==== Task data

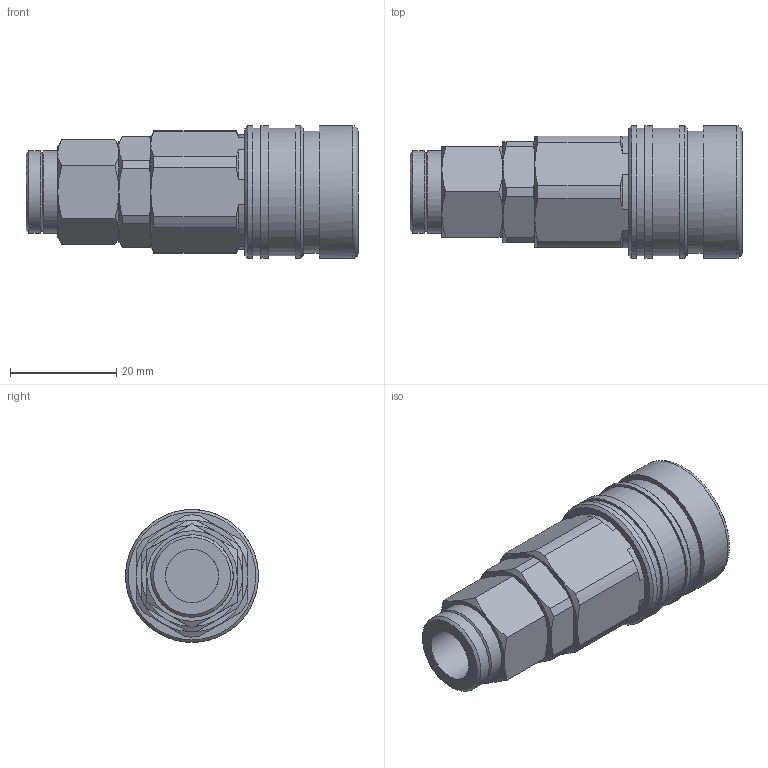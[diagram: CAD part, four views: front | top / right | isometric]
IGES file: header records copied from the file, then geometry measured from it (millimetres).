
Global section: file name: [02] CHS-6.5H-MP; native system: Autodesk Inventor 2014; preprocessor: unknown; author: kazuhiro.t; date: 20130805.154317; units: millimetre
Bounding box: 62.5 x 24.98 x 25 mm (x, y, z)
Volume: 19046.8 mm3; surface area: 6587 mm2
Topology: 1 solids, 1 shells, 103 faces, 243 edges, 154 vertices
Faces by surface type: bspline 103

========

▸ **Exercise brief**
Give back only the lines from the one containing "IGES file: header" through the final line of the entries above, exactly as written, both included.

▸ **Answer to the exercise**
IGES file: header records copied from the file, then geometry measured from it (millimetres).
Global section: file name: [02] CHS-6.5H-MP; native system: Autodesk Inventor 2014; preprocessor: unknown; author: kazuhiro.t; date: 20130805.154317; units: millimetre
Bounding box: 62.5 x 24.98 x 25 mm (x, y, z)
Volume: 19046.8 mm3; surface area: 6587 mm2
Topology: 1 solids, 1 shells, 103 faces, 243 edges, 154 vertices
Faces by surface type: bspline 103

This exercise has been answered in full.